__Records drawn from a dataset__:
----------------------------------------

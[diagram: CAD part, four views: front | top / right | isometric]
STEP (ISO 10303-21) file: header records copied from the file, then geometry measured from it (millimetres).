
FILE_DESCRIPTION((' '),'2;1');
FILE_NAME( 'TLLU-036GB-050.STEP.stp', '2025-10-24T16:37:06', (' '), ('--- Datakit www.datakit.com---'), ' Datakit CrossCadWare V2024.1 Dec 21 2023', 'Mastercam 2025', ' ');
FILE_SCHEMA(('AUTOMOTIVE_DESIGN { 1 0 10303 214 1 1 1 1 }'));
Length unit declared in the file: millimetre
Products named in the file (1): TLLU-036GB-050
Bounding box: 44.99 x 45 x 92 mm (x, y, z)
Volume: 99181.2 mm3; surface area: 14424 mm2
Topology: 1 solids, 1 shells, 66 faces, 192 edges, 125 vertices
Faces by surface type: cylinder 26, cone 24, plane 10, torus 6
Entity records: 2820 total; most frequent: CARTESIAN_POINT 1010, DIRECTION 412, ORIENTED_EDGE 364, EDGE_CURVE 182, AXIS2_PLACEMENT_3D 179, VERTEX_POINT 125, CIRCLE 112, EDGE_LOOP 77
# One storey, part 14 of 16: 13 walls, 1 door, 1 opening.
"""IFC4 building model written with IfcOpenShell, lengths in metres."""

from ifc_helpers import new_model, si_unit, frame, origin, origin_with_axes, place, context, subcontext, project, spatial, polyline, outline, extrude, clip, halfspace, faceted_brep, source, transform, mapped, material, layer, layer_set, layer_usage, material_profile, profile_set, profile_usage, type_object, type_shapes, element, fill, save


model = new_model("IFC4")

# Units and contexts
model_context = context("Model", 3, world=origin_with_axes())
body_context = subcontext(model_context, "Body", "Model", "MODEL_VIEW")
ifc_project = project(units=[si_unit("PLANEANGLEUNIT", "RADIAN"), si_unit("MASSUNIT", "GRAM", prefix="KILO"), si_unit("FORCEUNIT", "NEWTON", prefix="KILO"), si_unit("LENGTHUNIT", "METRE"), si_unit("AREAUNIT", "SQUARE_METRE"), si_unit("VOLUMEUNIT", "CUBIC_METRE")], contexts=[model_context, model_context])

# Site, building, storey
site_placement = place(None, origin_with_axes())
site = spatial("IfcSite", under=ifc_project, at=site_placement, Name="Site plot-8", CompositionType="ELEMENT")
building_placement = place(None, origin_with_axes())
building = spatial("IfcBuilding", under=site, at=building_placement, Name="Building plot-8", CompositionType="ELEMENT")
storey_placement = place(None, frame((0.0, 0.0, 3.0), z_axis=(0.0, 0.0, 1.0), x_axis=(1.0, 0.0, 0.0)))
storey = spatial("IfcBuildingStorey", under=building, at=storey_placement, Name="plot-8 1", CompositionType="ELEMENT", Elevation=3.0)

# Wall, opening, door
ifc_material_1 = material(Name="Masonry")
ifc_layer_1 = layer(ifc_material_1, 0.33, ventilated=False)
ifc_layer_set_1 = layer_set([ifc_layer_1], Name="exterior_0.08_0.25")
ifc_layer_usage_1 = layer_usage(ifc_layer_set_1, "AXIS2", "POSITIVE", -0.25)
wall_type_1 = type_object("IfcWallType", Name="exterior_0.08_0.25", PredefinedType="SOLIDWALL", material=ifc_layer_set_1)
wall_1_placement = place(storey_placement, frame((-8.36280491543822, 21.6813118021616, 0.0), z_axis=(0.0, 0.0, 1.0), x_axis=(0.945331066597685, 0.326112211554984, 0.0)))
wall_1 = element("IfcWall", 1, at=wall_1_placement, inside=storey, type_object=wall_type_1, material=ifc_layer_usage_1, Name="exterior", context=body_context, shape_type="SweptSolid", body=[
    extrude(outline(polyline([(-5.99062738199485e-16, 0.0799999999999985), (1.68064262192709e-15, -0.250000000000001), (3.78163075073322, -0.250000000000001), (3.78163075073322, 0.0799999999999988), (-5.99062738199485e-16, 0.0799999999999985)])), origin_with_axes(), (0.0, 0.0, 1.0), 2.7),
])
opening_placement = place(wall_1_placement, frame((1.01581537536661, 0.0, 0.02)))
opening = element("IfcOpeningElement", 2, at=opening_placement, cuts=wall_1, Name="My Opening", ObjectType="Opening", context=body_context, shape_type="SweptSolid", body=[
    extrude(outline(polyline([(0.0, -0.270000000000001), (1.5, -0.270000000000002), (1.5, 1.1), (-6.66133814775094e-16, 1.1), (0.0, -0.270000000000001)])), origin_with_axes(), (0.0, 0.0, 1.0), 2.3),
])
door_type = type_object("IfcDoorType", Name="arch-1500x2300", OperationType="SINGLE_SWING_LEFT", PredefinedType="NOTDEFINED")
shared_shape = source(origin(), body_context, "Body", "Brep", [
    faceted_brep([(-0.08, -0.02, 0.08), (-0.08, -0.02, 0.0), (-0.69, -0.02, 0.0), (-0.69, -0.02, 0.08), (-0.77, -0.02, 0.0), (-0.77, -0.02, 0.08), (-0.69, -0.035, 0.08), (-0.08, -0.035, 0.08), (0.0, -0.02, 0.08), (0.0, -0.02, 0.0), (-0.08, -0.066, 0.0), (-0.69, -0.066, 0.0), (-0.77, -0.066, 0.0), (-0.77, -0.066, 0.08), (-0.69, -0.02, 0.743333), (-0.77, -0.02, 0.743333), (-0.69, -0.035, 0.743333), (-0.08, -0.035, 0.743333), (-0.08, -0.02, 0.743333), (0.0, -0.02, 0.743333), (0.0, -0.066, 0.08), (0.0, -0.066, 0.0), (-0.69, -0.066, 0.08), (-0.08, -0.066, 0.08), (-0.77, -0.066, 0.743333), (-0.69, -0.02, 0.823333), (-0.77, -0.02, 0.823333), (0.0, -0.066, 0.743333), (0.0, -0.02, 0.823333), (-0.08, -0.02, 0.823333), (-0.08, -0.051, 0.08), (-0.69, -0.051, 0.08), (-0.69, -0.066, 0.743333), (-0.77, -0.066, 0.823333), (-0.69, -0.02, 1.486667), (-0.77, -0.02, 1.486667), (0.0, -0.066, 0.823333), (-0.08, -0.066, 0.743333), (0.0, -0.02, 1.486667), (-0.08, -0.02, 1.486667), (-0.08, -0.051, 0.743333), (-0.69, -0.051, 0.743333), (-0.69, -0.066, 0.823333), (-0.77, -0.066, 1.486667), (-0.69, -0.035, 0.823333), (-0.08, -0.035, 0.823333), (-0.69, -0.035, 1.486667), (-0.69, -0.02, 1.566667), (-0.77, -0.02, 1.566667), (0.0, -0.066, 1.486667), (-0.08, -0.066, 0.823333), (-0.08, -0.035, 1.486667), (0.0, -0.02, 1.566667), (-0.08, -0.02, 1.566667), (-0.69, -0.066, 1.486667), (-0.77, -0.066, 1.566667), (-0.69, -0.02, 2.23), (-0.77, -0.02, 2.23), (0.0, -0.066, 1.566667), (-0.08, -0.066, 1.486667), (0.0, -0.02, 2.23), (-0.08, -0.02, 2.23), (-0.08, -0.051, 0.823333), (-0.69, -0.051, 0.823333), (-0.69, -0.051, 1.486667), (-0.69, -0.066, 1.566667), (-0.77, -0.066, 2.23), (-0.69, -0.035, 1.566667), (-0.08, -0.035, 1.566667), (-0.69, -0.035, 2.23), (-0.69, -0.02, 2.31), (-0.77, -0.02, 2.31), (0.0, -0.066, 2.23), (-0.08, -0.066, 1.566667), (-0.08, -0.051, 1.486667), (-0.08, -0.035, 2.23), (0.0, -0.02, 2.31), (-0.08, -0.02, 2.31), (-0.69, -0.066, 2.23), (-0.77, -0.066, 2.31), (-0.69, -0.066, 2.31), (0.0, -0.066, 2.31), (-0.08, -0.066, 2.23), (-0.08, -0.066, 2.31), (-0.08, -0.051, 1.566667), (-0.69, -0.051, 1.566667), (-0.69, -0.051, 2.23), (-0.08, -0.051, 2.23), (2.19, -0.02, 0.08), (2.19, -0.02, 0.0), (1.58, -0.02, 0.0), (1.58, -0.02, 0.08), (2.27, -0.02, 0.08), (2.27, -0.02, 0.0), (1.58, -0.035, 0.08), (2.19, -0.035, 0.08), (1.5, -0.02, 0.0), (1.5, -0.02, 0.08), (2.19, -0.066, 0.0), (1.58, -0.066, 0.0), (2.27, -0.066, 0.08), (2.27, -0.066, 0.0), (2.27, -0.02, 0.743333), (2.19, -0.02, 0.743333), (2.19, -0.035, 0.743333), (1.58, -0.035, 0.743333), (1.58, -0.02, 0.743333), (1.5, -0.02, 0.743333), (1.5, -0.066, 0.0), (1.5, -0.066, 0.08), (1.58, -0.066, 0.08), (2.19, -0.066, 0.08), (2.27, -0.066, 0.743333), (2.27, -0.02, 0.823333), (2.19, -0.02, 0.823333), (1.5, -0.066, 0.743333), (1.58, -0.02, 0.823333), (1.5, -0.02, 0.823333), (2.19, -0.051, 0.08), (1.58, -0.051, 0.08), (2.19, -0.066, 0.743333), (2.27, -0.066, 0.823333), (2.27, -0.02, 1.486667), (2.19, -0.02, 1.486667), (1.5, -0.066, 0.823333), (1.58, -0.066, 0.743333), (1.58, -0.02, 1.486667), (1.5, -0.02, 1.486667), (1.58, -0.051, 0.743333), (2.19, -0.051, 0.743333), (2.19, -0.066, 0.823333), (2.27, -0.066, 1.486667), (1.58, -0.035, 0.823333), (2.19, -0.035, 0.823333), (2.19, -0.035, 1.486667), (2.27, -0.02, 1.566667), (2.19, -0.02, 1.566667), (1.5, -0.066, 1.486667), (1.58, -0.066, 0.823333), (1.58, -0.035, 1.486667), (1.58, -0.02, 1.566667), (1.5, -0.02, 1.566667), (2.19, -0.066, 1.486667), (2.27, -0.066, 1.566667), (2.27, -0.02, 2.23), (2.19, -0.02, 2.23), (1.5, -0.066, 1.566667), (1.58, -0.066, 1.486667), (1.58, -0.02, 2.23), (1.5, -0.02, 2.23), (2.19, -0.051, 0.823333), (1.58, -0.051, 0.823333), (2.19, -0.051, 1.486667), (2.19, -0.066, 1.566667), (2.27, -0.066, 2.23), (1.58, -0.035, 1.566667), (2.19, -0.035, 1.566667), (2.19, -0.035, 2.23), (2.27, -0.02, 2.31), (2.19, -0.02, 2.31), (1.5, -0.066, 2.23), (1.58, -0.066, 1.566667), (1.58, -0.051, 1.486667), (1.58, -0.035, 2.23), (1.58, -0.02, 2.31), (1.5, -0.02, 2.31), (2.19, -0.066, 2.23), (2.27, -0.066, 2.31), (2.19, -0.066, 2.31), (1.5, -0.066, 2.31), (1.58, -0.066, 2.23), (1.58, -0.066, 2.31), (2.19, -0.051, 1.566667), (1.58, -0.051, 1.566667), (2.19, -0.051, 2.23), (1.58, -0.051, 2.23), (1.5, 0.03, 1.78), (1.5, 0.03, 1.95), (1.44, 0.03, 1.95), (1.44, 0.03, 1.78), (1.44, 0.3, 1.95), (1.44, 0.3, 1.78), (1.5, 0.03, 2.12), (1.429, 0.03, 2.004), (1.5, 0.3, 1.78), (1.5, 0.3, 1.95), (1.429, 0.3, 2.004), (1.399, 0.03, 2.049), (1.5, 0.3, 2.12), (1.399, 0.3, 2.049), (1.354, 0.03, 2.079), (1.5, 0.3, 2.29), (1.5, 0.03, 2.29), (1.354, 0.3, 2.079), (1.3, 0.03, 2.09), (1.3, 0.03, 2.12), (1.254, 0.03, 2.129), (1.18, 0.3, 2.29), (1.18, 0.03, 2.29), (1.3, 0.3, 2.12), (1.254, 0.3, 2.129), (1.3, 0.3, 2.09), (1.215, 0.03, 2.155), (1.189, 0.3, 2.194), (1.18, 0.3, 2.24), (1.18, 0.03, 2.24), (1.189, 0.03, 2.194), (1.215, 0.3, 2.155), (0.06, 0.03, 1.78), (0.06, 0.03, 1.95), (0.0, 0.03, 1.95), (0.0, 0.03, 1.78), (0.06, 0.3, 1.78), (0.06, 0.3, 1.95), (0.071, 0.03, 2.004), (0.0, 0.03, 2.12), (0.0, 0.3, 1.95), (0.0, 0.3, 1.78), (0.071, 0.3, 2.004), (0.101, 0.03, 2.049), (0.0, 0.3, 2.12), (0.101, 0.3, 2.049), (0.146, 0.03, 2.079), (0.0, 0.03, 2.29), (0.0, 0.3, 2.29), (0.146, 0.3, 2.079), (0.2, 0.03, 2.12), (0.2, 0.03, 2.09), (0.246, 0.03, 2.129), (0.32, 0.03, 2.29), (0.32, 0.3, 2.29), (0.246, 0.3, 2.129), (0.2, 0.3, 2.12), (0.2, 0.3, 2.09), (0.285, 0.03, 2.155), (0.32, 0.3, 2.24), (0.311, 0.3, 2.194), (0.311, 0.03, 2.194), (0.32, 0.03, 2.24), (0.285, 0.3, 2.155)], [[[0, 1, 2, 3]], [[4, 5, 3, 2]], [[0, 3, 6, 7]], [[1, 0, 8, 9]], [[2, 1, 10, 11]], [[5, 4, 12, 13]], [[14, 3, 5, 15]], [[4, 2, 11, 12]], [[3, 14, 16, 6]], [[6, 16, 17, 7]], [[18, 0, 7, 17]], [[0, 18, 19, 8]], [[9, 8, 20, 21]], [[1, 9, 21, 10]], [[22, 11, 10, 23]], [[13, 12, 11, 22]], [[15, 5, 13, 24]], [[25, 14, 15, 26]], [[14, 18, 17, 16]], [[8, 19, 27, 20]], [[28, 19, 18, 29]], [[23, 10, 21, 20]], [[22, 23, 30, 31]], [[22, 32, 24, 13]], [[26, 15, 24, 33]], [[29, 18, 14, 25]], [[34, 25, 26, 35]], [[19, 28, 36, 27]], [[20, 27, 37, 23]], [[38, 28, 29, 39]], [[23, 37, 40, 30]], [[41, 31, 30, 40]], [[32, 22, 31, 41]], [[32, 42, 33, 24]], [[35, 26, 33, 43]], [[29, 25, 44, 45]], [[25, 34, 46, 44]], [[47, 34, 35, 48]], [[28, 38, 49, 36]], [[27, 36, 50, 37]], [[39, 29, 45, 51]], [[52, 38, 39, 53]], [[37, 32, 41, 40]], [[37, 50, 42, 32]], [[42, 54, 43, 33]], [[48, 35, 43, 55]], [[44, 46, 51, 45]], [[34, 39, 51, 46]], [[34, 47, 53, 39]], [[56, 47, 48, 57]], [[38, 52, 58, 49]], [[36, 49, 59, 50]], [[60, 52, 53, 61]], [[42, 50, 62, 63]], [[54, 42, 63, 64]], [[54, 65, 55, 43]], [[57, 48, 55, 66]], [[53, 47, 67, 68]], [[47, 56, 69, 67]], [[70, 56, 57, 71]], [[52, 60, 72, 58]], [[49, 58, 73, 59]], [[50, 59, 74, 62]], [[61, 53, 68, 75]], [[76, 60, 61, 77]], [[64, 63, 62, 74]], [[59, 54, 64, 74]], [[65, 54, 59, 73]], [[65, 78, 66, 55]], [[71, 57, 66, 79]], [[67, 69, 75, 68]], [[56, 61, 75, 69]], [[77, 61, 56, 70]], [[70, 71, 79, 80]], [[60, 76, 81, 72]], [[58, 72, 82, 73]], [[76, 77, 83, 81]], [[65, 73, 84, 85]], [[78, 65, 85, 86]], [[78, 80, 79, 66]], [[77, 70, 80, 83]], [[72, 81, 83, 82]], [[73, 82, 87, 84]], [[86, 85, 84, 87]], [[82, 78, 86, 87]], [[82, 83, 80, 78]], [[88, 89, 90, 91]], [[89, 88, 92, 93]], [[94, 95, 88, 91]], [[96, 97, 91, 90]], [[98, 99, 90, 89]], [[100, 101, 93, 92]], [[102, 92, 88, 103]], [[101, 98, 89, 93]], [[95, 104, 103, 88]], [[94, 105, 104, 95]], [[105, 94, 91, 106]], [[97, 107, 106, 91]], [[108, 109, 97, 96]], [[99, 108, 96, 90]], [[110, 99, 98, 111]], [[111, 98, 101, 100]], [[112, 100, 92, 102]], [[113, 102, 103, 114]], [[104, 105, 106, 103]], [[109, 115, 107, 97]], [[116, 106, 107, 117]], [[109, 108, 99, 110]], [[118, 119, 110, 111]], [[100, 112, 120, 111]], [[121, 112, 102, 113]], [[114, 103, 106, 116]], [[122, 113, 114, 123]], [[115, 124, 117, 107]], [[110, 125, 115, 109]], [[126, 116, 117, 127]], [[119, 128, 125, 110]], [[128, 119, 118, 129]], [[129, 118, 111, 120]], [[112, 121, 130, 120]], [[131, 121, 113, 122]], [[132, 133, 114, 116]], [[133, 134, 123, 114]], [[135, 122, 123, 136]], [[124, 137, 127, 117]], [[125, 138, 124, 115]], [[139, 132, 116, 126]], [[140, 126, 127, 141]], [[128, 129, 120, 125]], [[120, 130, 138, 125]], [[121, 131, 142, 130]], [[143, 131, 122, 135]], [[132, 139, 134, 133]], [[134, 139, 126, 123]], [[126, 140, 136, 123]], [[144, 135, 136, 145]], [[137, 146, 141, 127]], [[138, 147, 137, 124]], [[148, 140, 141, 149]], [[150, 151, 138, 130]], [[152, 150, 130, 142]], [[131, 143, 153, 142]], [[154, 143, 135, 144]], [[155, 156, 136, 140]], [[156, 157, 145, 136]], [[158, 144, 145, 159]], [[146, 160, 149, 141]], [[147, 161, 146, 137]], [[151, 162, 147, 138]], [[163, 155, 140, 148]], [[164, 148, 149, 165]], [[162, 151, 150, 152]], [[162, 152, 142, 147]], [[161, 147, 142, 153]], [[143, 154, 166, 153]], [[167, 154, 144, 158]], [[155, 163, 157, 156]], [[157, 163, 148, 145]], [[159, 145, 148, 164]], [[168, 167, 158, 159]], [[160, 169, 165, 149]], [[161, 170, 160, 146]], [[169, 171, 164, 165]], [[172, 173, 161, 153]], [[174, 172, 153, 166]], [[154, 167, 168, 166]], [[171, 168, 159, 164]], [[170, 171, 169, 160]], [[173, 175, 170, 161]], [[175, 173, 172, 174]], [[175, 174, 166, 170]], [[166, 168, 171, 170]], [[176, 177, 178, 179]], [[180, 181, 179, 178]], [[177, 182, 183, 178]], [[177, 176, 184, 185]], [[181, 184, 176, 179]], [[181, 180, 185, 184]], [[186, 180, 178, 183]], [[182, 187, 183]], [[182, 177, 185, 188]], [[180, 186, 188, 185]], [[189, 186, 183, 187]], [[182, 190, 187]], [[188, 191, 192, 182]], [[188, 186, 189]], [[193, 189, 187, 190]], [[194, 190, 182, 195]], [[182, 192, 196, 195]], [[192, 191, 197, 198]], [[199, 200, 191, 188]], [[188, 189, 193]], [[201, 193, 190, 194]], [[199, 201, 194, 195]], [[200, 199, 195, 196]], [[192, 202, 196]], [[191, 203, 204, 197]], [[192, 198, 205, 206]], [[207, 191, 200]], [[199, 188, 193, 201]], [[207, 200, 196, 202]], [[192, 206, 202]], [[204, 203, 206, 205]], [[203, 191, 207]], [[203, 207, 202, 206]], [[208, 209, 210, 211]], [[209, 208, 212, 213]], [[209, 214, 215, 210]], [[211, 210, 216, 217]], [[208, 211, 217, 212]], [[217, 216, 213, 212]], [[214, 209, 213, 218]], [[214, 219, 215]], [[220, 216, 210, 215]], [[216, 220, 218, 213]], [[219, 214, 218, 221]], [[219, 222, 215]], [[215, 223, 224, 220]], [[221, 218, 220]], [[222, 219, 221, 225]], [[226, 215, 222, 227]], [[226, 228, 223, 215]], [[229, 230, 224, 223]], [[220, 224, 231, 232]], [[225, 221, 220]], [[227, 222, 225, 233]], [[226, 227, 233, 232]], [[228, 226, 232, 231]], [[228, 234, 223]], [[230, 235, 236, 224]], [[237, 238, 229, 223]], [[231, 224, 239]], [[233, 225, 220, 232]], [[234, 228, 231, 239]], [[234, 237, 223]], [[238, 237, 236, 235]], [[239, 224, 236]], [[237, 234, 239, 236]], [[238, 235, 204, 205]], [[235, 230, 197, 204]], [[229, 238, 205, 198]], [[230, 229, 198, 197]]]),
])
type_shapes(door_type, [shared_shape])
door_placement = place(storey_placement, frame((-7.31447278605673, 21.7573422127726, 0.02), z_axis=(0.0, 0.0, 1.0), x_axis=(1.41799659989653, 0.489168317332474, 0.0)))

----------------------------------------

__ACTIVITY__:
The lines above that hold the word "surface" are the ones to copy.

__COMPLETED TASK__:
Volume: 99181.2 mm3; surface area: 14424 mm2
Faces by surface type: cylinder 26, cone 24, plane 10, torus 6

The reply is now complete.